- [Work to be completed]: With the images removed, return every line below exactly as it reads.

- [Listed records]:
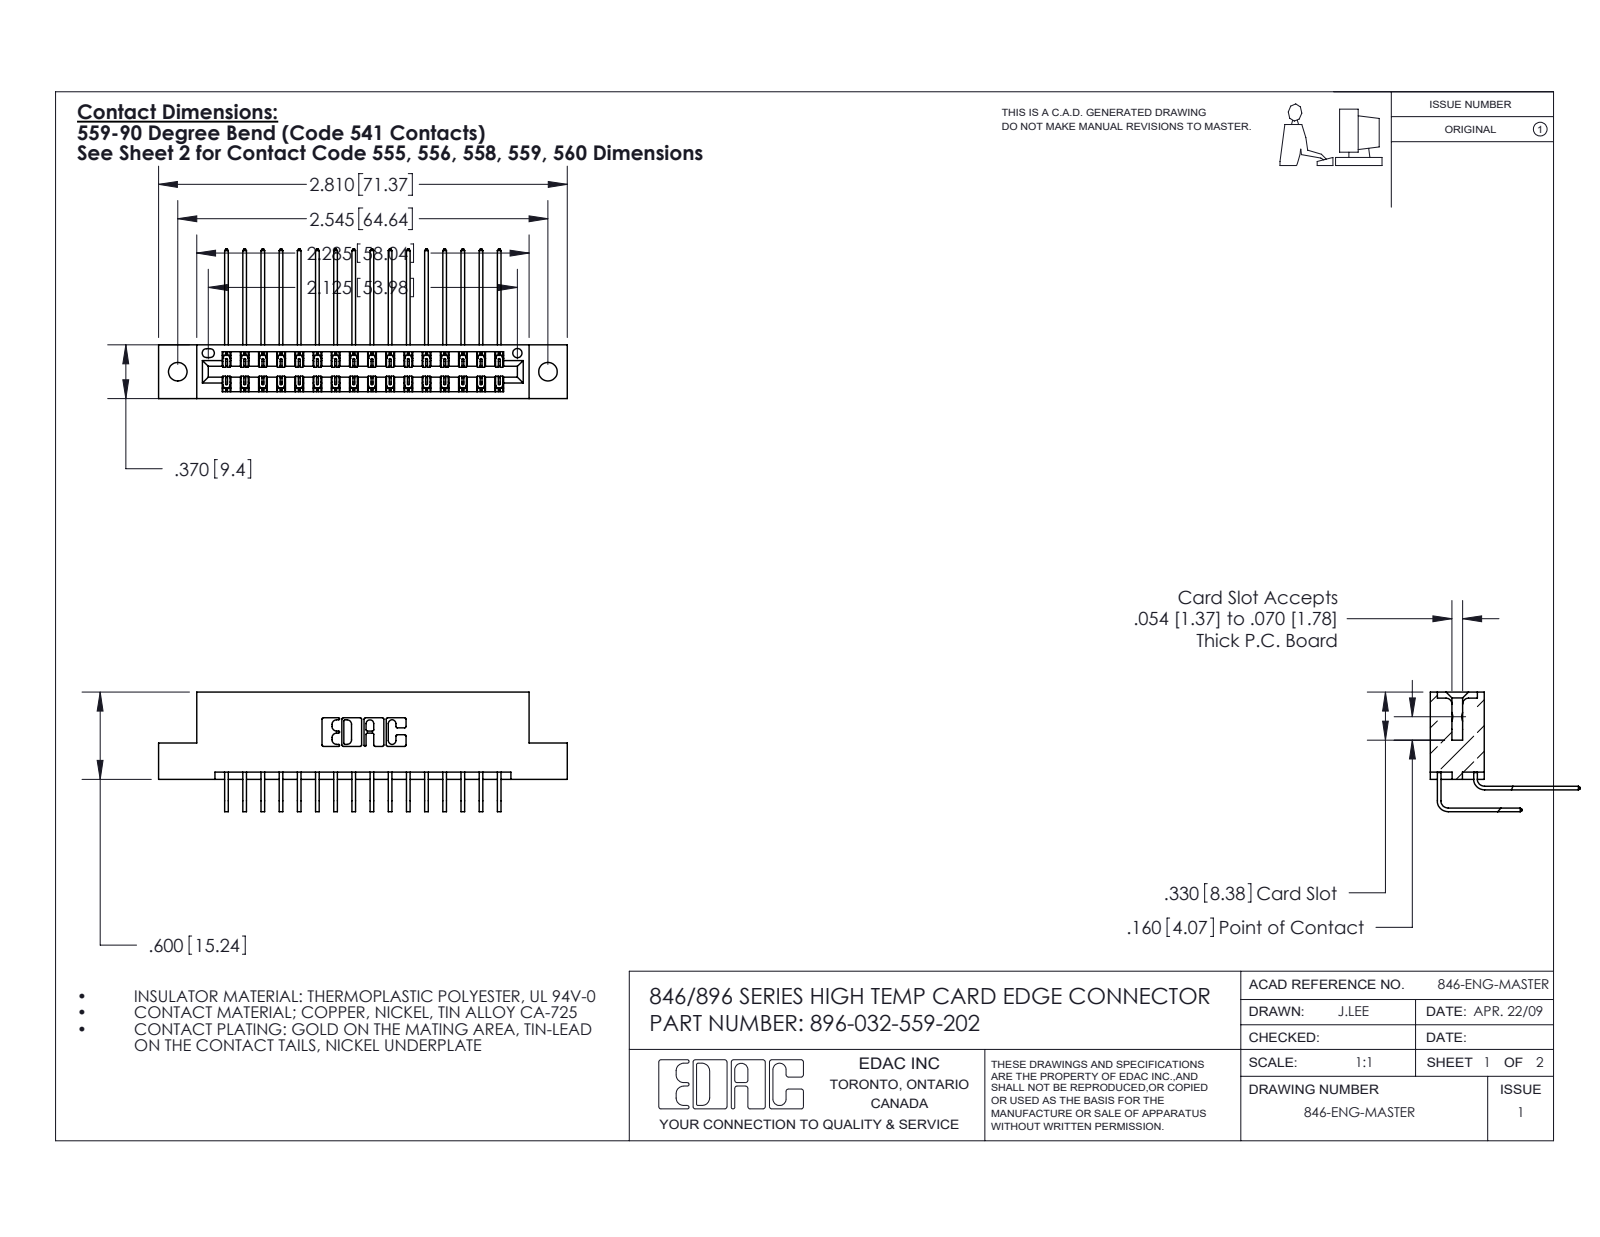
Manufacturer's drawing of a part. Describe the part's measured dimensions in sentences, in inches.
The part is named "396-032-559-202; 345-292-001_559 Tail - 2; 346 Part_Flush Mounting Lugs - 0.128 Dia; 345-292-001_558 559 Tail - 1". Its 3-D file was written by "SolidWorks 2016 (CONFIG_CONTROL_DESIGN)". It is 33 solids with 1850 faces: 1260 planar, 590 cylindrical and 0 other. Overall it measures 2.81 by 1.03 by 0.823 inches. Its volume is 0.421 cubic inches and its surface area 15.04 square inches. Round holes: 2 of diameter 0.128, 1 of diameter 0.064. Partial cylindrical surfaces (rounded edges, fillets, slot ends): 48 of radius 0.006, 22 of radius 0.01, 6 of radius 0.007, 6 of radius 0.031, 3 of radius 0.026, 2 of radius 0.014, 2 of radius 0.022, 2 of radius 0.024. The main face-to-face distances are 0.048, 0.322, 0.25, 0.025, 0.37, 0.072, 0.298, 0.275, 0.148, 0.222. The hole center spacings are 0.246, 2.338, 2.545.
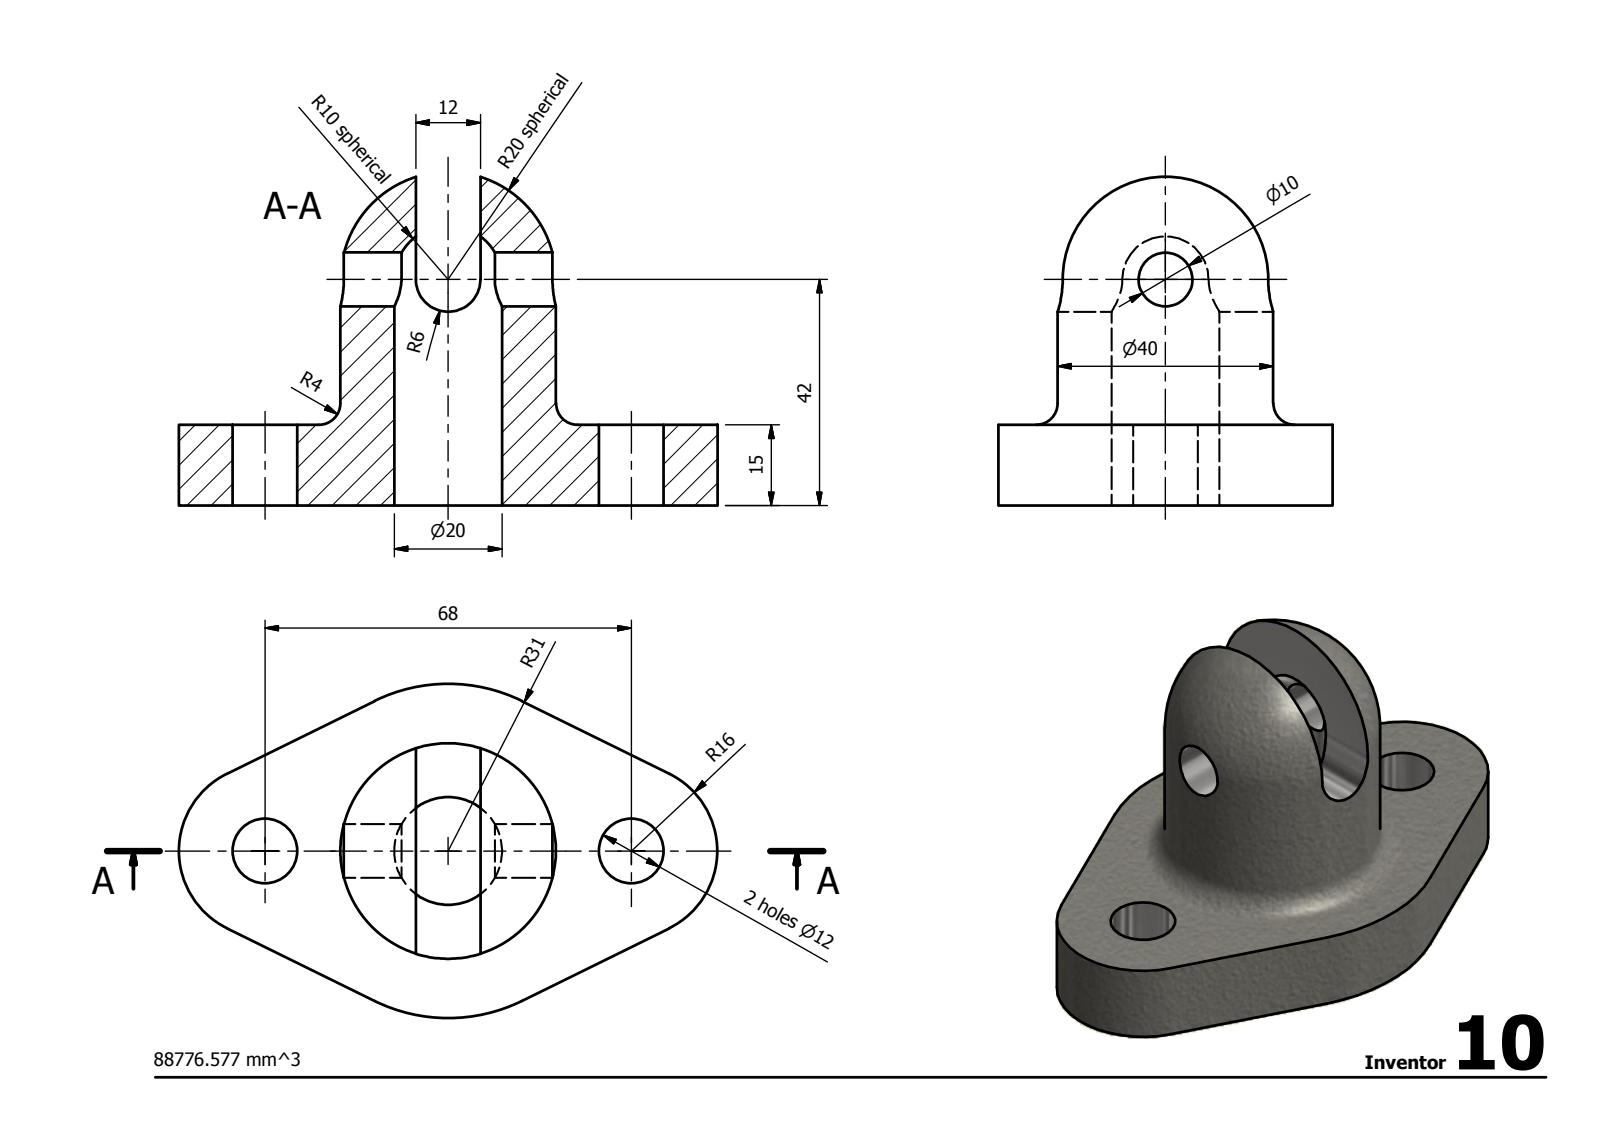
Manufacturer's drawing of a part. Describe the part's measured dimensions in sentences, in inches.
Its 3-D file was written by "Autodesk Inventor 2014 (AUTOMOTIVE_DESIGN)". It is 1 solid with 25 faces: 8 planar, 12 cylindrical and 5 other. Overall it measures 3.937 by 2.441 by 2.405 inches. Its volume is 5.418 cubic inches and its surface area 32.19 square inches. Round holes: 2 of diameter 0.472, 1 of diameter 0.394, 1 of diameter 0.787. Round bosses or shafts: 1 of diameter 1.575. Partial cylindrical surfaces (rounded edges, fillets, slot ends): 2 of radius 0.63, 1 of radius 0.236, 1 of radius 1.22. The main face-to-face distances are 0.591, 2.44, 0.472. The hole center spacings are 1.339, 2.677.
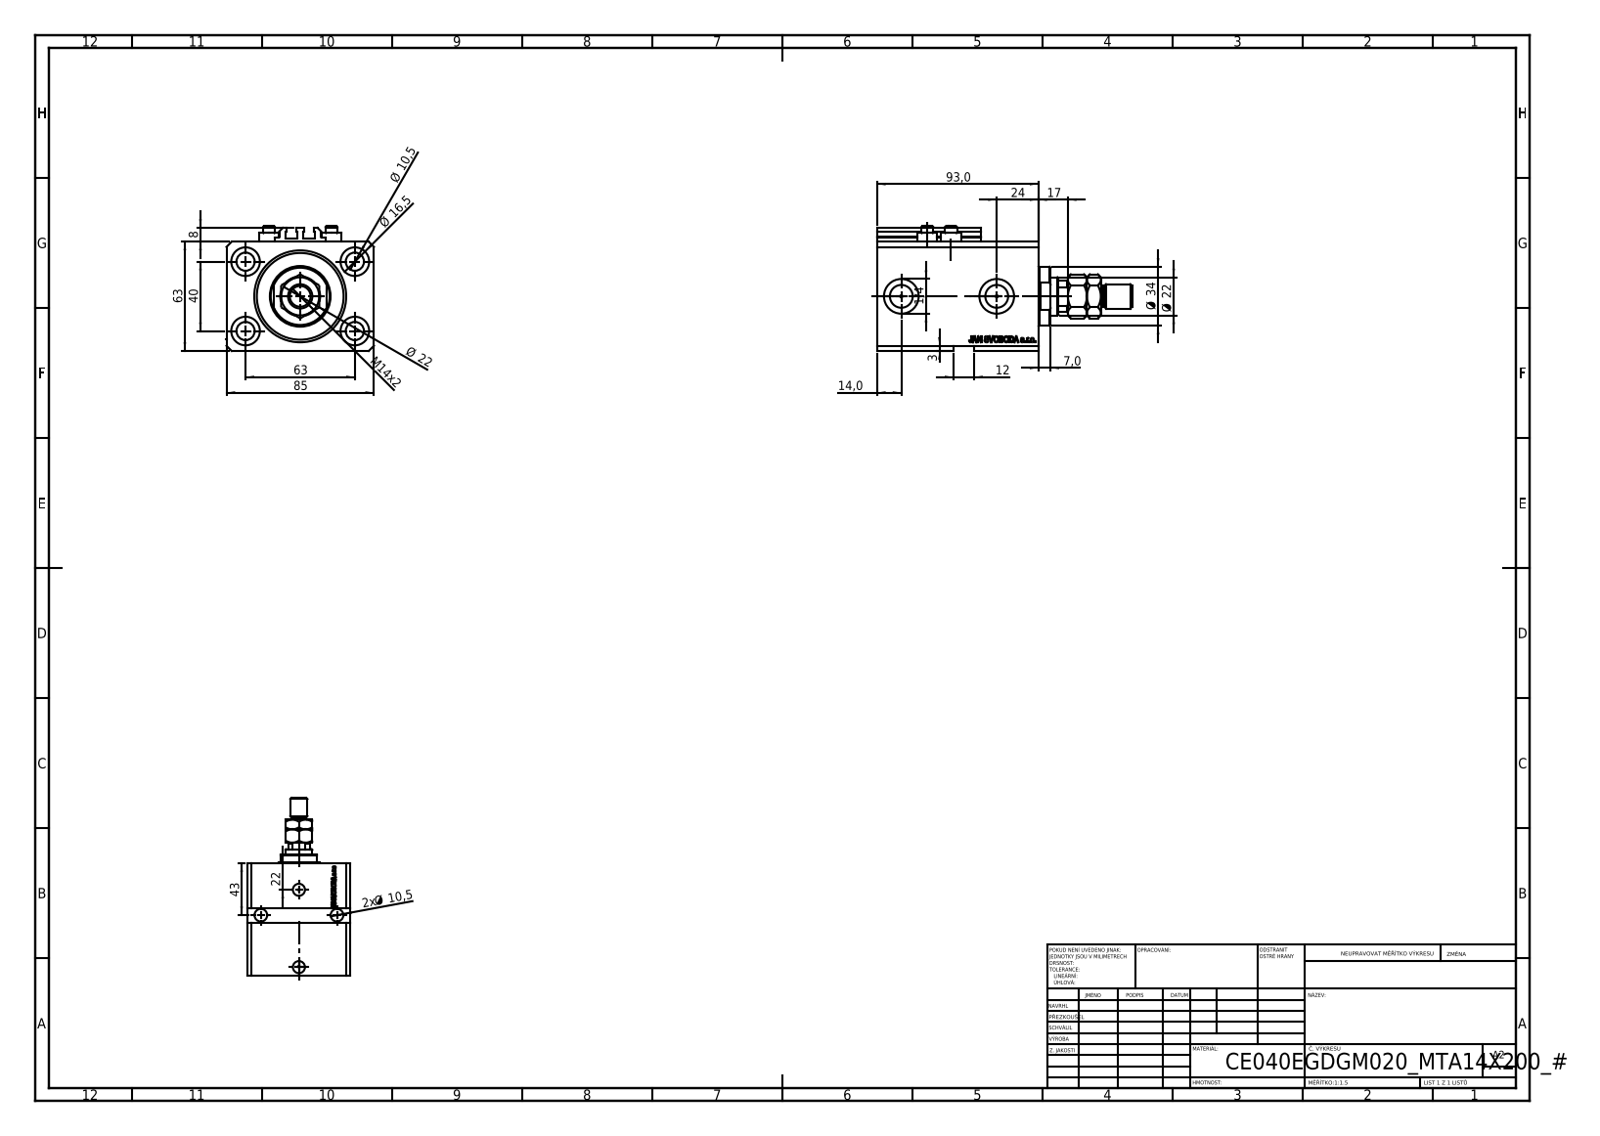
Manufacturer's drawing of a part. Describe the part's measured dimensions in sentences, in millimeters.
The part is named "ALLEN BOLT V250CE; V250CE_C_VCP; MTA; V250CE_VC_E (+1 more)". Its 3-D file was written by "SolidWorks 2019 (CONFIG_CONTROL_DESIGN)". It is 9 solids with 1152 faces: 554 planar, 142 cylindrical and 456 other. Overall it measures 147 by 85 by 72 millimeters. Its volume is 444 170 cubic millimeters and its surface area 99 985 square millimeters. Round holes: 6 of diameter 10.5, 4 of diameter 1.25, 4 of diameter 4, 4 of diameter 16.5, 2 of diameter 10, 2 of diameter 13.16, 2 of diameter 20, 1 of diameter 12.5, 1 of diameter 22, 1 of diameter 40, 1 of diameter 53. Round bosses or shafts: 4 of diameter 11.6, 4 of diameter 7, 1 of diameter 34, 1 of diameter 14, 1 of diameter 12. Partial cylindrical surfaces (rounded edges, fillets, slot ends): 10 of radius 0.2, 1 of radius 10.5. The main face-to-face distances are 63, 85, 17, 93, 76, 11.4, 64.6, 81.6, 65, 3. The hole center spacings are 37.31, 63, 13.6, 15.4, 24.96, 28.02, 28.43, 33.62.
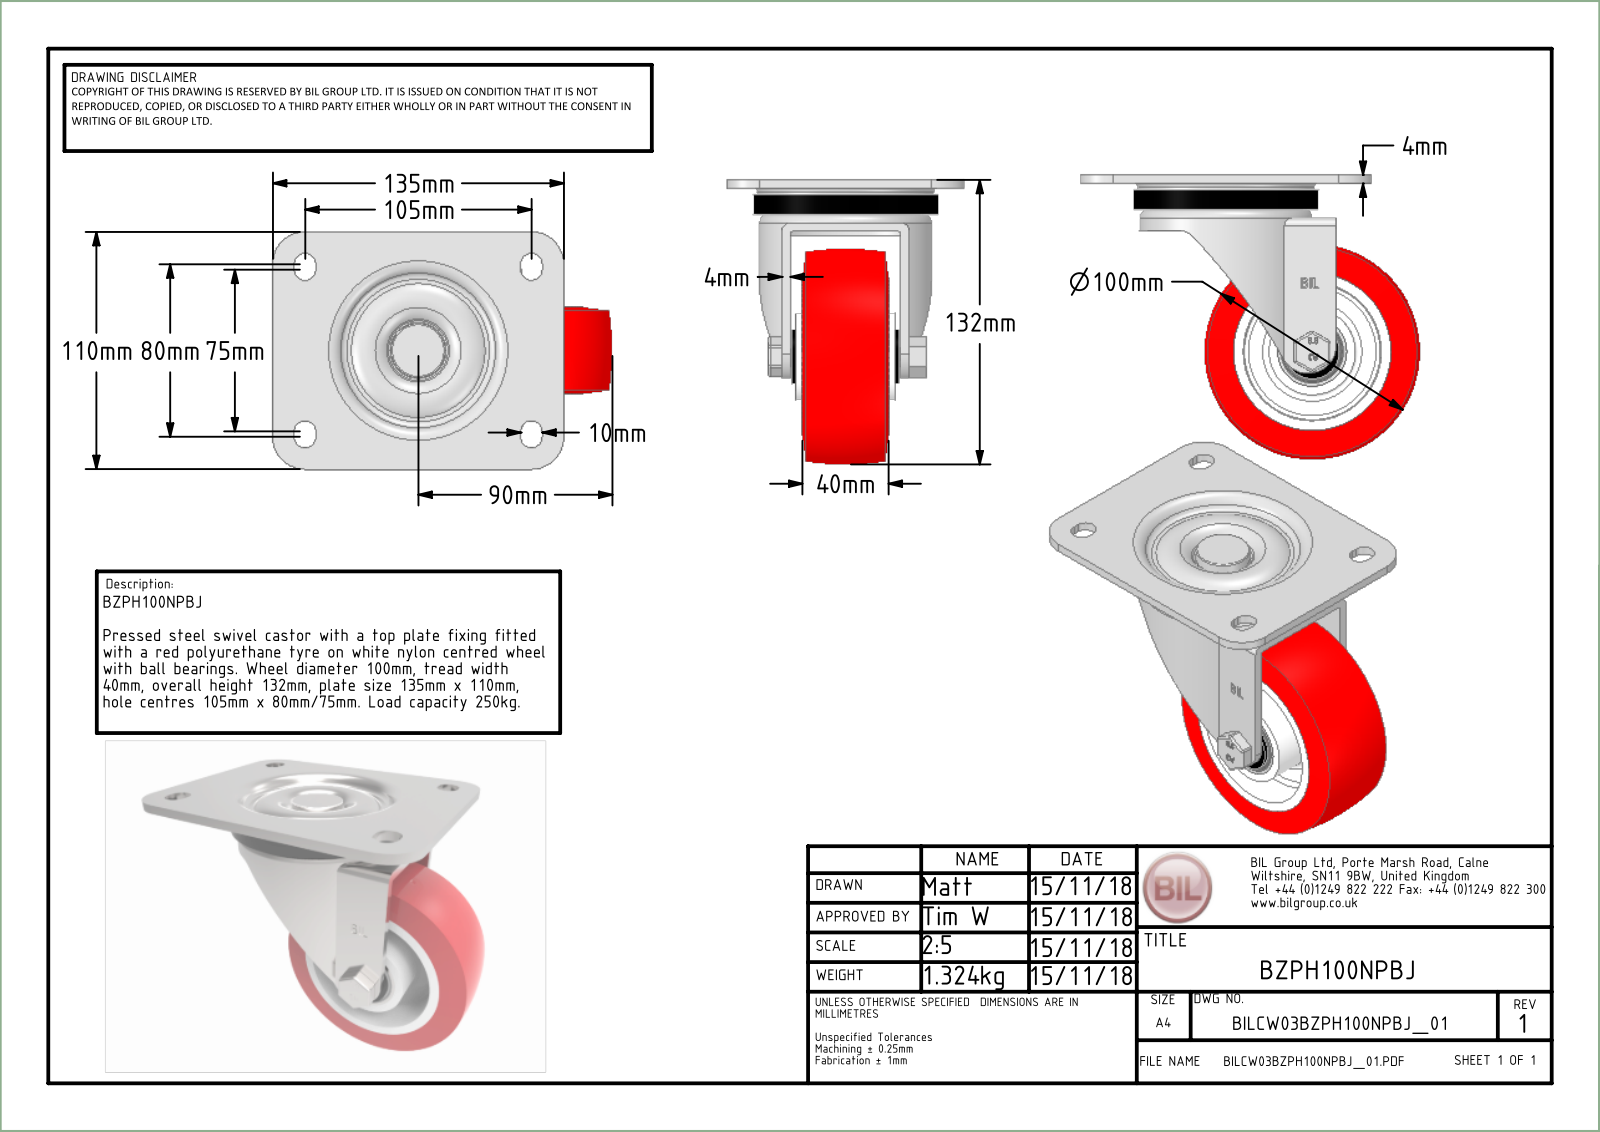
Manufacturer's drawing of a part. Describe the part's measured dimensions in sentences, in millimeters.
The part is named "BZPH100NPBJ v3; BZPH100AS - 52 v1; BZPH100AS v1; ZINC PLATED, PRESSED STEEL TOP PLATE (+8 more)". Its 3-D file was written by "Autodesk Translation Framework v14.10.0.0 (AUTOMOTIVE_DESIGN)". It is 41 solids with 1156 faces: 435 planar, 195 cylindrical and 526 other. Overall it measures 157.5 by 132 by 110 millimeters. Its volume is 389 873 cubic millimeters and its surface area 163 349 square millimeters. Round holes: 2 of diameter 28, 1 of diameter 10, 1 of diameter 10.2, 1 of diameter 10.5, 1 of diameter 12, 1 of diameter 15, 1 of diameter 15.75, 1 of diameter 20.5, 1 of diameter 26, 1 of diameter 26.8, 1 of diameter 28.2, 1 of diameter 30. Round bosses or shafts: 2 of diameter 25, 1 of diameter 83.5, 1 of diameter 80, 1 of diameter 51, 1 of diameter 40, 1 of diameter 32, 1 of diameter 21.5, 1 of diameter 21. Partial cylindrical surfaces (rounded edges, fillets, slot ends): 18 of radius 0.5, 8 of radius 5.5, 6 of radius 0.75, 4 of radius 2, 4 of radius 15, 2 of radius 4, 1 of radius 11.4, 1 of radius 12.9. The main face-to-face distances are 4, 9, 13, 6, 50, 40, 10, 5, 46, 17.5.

- [Reply to the task]:
Manufacturer's drawing of a part. Describe the part's measured dimensions in sentences, in inches.
The part is named "396-032-559-202; 345-292-001_559 Tail - 2; 346 Part_Flush Mounting Lugs - 0.128 Dia; 345-292-001_558 559 Tail - 1". Its 3-D file was written by "SolidWorks 2016 (CONFIG_CONTROL_DESIGN)". It is 33 solids with 1850 faces: 1260 planar, 590 cylindrical and 0 other. Overall it measures 2.81 by 1.03 by 0.823 inches. Its volume is 0.421 cubic inches and its surface area 15.04 square inches. Round holes: 2 of diameter 0.128, 1 of diameter 0.064. Partial cylindrical surfaces (rounded edges, fillets, slot ends): 48 of radius 0.006, 22 of radius 0.01, 6 of radius 0.007, 6 of radius 0.031, 3 of radius 0.026, 2 of radius 0.014, 2 of radius 0.022, 2 of radius 0.024. The main face-to-face distances are 0.048, 0.322, 0.25, 0.025, 0.37, 0.072, 0.298, 0.275, 0.148, 0.222. The hole center spacings are 0.246, 2.338, 2.545.
Manufacturer's drawing of a part. Describe the part's measured dimensions in sentences, in inches.
Its 3-D file was written by "Autodesk Inventor 2014 (AUTOMOTIVE_DESIGN)". It is 1 solid with 25 faces: 8 planar, 12 cylindrical and 5 other. Overall it measures 3.937 by 2.441 by 2.405 inches. Its volume is 5.418 cubic inches and its surface area 32.19 square inches. Round holes: 2 of diameter 0.472, 1 of diameter 0.394, 1 of diameter 0.787. Round bosses or shafts: 1 of diameter 1.575. Partial cylindrical surfaces (rounded edges, fillets, slot ends): 2 of radius 0.63, 1 of radius 0.236, 1 of radius 1.22. The main face-to-face distances are 0.591, 2.44, 0.472. The hole center spacings are 1.339, 2.677.
Manufacturer's drawing of a part. Describe the part's measured dimensions in sentences, in millimeters.
The part is named "ALLEN BOLT V250CE; V250CE_C_VCP; MTA; V250CE_VC_E (+1 more)". Its 3-D file was written by "SolidWorks 2019 (CONFIG_CONTROL_DESIGN)". It is 9 solids with 1152 faces: 554 planar, 142 cylindrical and 456 other. Overall it measures 147 by 85 by 72 millimeters. Its volume is 444 170 cubic millimeters and its surface area 99 985 square millimeters. Round holes: 6 of diameter 10.5, 4 of diameter 1.25, 4 of diameter 4, 4 of diameter 16.5, 2 of diameter 10, 2 of diameter 13.16, 2 of diameter 20, 1 of diameter 12.5, 1 of diameter 22, 1 of diameter 40, 1 of diameter 53. Round bosses or shafts: 4 of diameter 11.6, 4 of diameter 7, 1 of diameter 34, 1 of diameter 14, 1 of diameter 12. Partial cylindrical surfaces (rounded edges, fillets, slot ends): 10 of radius 0.2, 1 of radius 10.5. The main face-to-face distances are 63, 85, 17, 93, 76, 11.4, 64.6, 81.6, 65, 3. The hole center spacings are 37.31, 63, 13.6, 15.4, 24.96, 28.02, 28.43, 33.62.
Manufacturer's drawing of a part. Describe the part's measured dimensions in sentences, in millimeters.
The part is named "BZPH100NPBJ v3; BZPH100AS - 52 v1; BZPH100AS v1; ZINC PLATED, PRESSED STEEL TOP PLATE (+8 more)". Its 3-D file was written by "Autodesk Translation Framework v14.10.0.0 (AUTOMOTIVE_DESIGN)". It is 41 solids with 1156 faces: 435 planar, 195 cylindrical and 526 other. Overall it measures 157.5 by 132 by 110 millimeters. Its volume is 389 873 cubic millimeters and its surface area 163 349 square millimeters. Round holes: 2 of diameter 28, 1 of diameter 10, 1 of diameter 10.2, 1 of diameter 10.5, 1 of diameter 12, 1 of diameter 15, 1 of diameter 15.75, 1 of diameter 20.5, 1 of diameter 26, 1 of diameter 26.8, 1 of diameter 28.2, 1 of diameter 30. Round bosses or shafts: 2 of diameter 25, 1 of diameter 83.5, 1 of diameter 80, 1 of diameter 51, 1 of diameter 40, 1 of diameter 32, 1 of diameter 21.5, 1 of diameter 21. Partial cylindrical surfaces (rounded edges, fillets, slot ends): 18 of radius 0.5, 8 of radius 5.5, 6 of radius 0.75, 4 of radius 2, 4 of radius 15, 2 of radius 4, 1 of radius 11.4, 1 of radius 12.9. The main face-to-face distances are 4, 9, 13, 6, 50, 40, 10, 5, 46, 17.5.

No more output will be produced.